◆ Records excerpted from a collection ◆
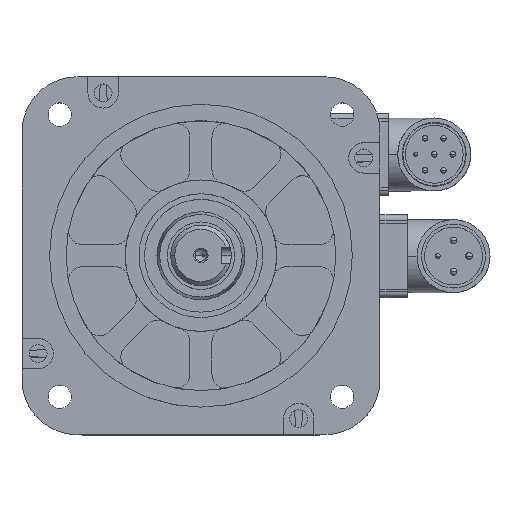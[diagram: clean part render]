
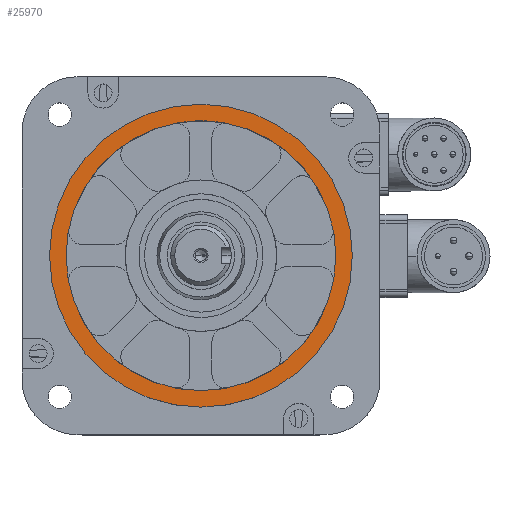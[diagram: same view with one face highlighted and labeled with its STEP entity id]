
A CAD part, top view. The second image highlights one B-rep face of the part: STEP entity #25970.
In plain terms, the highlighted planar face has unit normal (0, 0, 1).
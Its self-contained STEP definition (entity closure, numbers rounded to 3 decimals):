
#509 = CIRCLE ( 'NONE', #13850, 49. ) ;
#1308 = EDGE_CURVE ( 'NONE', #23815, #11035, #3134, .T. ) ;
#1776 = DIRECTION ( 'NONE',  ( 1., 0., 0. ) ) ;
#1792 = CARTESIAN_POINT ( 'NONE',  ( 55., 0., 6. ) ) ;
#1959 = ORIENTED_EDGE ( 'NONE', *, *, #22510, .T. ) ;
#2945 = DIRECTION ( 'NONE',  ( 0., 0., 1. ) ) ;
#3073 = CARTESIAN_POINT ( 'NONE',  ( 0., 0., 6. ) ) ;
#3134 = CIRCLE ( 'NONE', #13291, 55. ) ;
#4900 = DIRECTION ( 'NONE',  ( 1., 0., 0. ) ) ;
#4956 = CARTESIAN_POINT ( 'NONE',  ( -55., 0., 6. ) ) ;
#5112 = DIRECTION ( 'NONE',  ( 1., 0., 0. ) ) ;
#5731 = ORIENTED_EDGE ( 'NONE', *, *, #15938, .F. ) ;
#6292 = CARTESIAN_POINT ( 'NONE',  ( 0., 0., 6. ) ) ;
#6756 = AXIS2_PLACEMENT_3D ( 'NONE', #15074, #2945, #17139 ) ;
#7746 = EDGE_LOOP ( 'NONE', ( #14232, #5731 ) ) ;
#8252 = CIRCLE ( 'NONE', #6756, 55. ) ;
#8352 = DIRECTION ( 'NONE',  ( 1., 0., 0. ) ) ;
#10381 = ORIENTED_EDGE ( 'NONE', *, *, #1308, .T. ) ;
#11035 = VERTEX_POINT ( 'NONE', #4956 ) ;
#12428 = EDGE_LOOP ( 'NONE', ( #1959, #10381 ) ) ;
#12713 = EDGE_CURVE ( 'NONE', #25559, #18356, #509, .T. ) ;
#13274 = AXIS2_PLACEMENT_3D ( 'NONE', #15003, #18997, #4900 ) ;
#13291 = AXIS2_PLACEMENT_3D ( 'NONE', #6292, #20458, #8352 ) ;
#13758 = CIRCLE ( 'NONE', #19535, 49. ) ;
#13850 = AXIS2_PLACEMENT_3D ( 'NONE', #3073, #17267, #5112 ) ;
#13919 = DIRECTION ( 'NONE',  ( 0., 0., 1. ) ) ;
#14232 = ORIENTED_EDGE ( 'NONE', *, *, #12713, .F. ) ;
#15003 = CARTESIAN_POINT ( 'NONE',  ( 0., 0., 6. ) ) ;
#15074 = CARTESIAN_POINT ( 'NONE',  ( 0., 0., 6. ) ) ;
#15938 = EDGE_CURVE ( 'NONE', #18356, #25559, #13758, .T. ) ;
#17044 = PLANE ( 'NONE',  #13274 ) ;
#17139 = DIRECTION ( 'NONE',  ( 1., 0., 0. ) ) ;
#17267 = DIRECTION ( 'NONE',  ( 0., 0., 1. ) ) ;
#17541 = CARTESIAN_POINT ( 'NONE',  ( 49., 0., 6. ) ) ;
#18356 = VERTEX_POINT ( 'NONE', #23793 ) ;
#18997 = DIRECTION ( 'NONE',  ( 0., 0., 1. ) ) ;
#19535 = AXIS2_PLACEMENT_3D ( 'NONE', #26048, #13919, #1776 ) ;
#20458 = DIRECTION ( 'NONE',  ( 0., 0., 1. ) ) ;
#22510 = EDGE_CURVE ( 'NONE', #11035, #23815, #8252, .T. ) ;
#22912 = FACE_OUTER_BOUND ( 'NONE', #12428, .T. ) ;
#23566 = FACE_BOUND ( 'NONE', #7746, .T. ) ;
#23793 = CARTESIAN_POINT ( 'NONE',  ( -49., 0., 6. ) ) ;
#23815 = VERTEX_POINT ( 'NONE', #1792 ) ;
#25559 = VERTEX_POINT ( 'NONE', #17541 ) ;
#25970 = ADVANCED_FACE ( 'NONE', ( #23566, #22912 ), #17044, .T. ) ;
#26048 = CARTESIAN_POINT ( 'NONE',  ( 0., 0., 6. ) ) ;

◆ Task prompt ◆
Find the line that contains "#17541 = CARTESIAN_POINT". Restate it and all lines after it exactly, ending with the final line of the data.

◆ Response ◆
#17541 = CARTESIAN_POINT ( 'NONE',  ( 49., 0., 6. ) ) ;
#18356 = VERTEX_POINT ( 'NONE', #23793 ) ;
#18997 = DIRECTION ( 'NONE',  ( 0., 0., 1. ) ) ;
#19535 = AXIS2_PLACEMENT_3D ( 'NONE', #26048, #13919, #1776 ) ;
#20458 = DIRECTION ( 'NONE',  ( 0., 0., 1. ) ) ;
#22510 = EDGE_CURVE ( 'NONE', #11035, #23815, #8252, .T. ) ;
#22912 = FACE_OUTER_BOUND ( 'NONE', #12428, .T. ) ;
#23566 = FACE_BOUND ( 'NONE', #7746, .T. ) ;
#23793 = CARTESIAN_POINT ( 'NONE',  ( -49., 0., 6. ) ) ;
#23815 = VERTEX_POINT ( 'NONE', #1792 ) ;
#25559 = VERTEX_POINT ( 'NONE', #17541 ) ;
#25970 = ADVANCED_FACE ( 'NONE', ( #23566, #22912 ), #17044, .T. ) ;
#26048 = CARTESIAN_POINT ( 'NONE',  ( 0., 0., 6. ) ) ;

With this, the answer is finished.